The first thing on my mind today was Columbus Day.  Hate that bastard.  If you're familiar with my earlier writings, you'll know that as a Native American I tend to be a militant SOB.  For Native Americans in general, this is a non-holiday.  We have no reason to celebrate his arrival in what he considered the New World.  In fact, there are a few groups, including the National Congress of American Indians who are trying to get the federal government to change this to Native American Day.  We'll piss off those boys down at the Italian-American dining hall, but hell, we've eaten that share of BS for 500 years.  It's time to turn this around.

Here's one of the most recent opinions on this from Indianz.com:  http://tinyurl.com/3v89xz

It's just the beginning.  I think that in this modern day and age, it's time that the people of this country acknowledge that Columbus didn't discover shit.  There were people here who had lived in the Americas for thousands of years before this white boy and his crew dropped anchor on what they thought was a back door to India.  (I've since made friends with some guys from India and everytime they see me, I get all these questions about being "Indian" in America that they just can't seem to deal with.)  Yeah, Columbus didn't know it, but when he got here, we had a name for ourselves.  My tribe called ourselves Ong-we-ong-weh, but other tribes and Natives of this country all had tribal names that translated to the same thing:  The People.  Ask a Native you know and they'll all tell you the same thing, their tribal name for themselves translates to The People.

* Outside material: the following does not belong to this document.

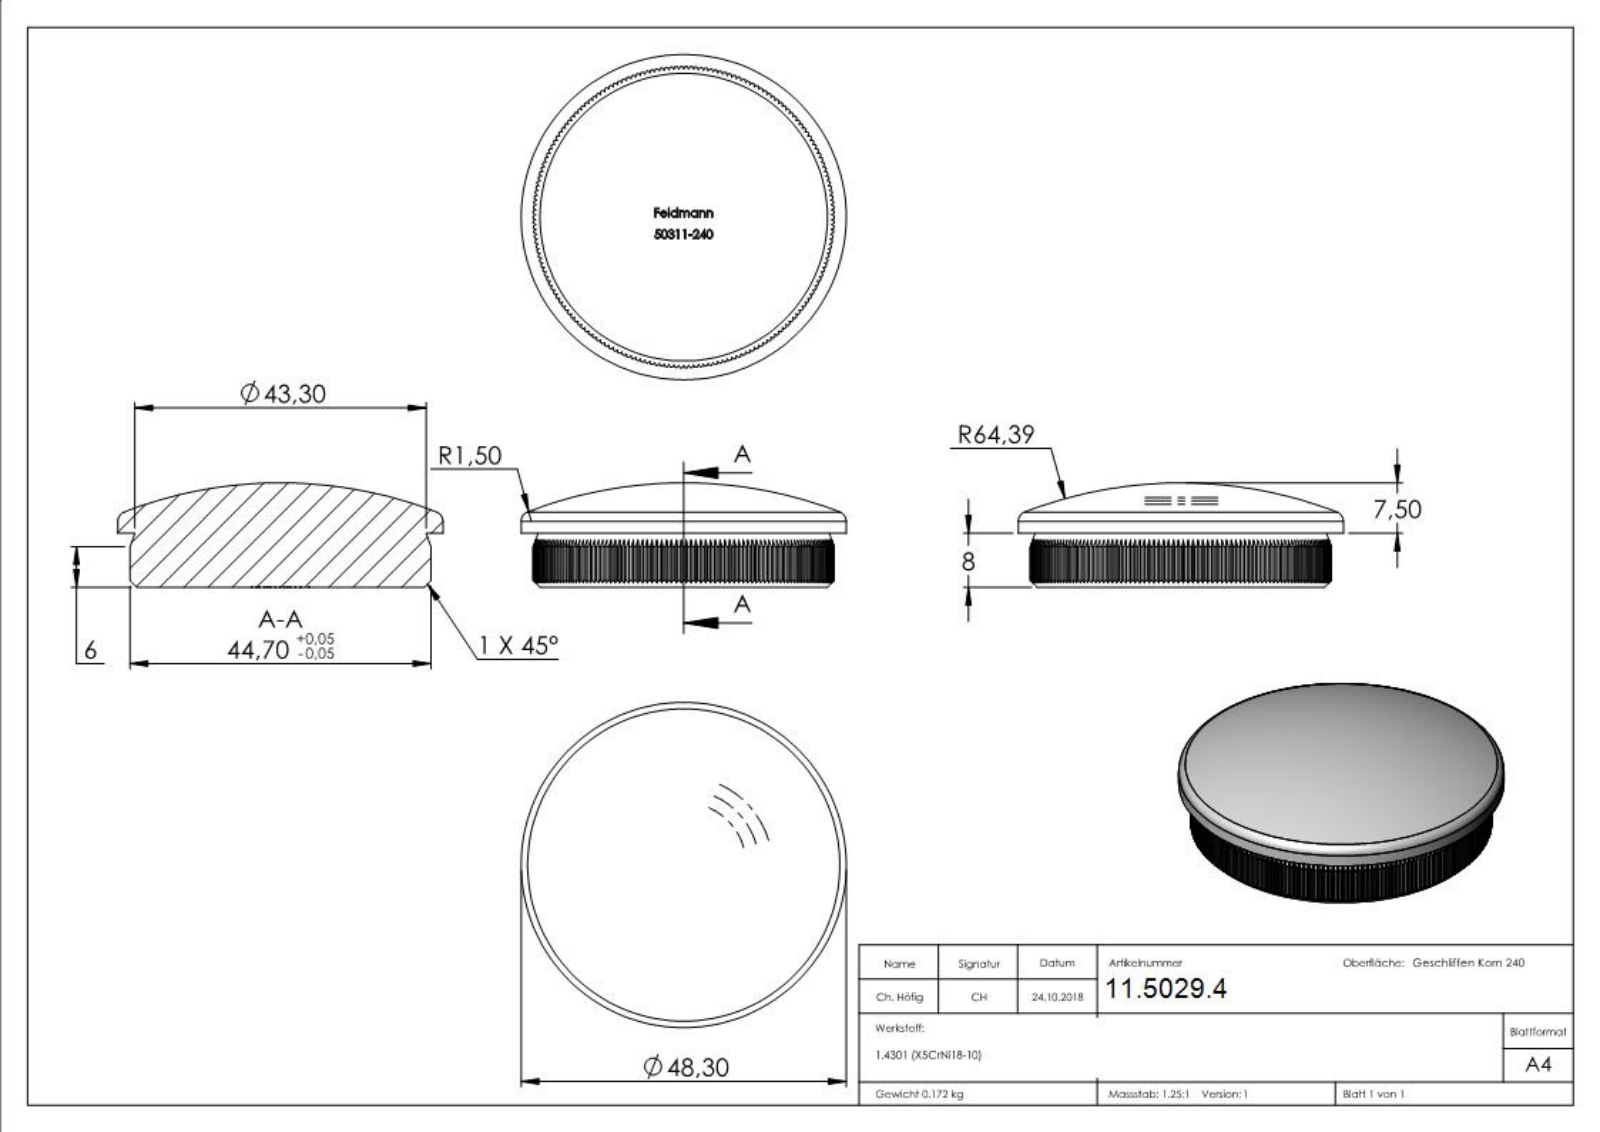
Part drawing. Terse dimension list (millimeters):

Being Non-Native you might think that odd, how almost 600 distinct Indian tribes in the U.S. alone (not to mention Canada, Central and South America), could come up with something that would identify ourselves as The People, but we were "the people" that lived here.  It was a collective mindset that connects our people to this day.  So when some guy from the Mediterranean stumbles upon someplace that has a few million people here, you can imagine how much a non-event Natives consider this.

It only it hadn't gone so badly after he got here.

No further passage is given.